=== Study material ===
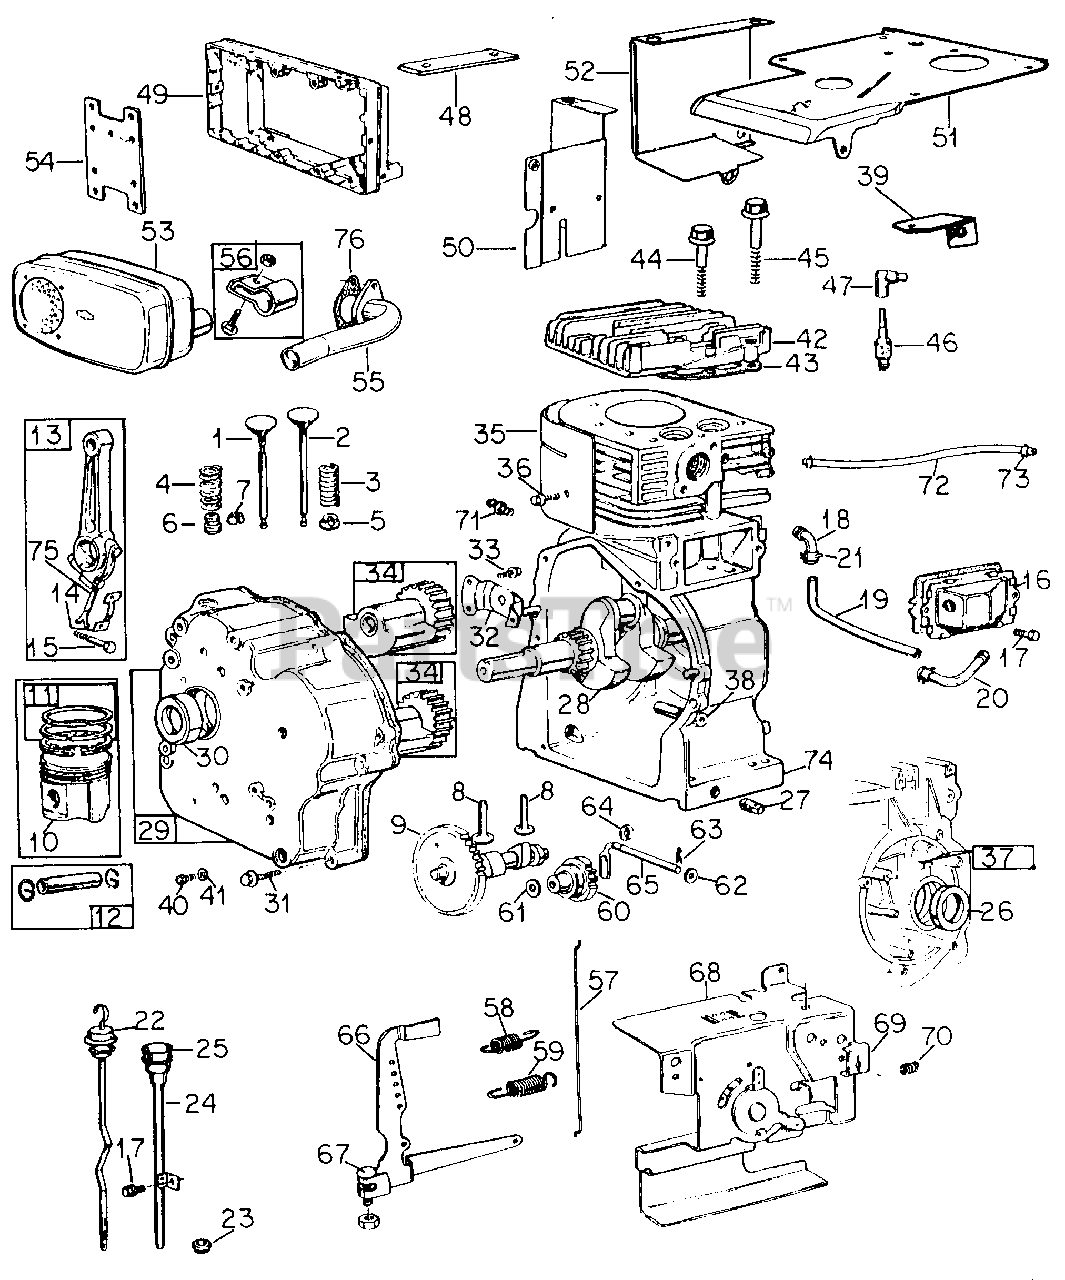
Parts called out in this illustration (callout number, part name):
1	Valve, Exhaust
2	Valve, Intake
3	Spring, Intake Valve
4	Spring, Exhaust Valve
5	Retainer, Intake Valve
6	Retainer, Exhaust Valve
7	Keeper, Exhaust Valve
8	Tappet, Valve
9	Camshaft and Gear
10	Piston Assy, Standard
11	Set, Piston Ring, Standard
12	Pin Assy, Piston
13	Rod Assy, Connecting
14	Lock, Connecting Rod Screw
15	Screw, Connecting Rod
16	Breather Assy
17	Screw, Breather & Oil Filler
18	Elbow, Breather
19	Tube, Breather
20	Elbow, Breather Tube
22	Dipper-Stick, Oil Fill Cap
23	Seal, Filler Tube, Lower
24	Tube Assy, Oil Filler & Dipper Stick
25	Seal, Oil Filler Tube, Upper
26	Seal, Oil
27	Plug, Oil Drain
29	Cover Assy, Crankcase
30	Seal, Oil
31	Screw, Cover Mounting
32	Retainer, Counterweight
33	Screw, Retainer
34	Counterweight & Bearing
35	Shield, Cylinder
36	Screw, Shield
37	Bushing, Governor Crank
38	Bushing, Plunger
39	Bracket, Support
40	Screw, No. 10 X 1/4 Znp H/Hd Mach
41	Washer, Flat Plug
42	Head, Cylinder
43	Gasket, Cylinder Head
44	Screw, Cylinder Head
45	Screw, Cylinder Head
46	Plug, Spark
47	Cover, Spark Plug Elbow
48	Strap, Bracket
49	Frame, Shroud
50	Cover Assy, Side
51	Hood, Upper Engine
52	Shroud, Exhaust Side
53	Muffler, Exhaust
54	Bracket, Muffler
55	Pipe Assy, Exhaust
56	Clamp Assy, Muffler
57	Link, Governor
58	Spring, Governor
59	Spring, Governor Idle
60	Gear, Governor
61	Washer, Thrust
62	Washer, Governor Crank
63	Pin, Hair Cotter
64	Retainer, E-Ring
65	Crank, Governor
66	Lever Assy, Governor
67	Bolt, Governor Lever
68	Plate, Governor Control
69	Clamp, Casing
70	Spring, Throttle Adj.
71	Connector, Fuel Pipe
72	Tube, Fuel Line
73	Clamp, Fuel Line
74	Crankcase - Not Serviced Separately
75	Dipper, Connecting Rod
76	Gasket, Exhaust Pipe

=== Exercise instructions ===
For the material above, how many lines contain the word "Clamp"? Only the number should be given.

=== Answer to the problem ===
3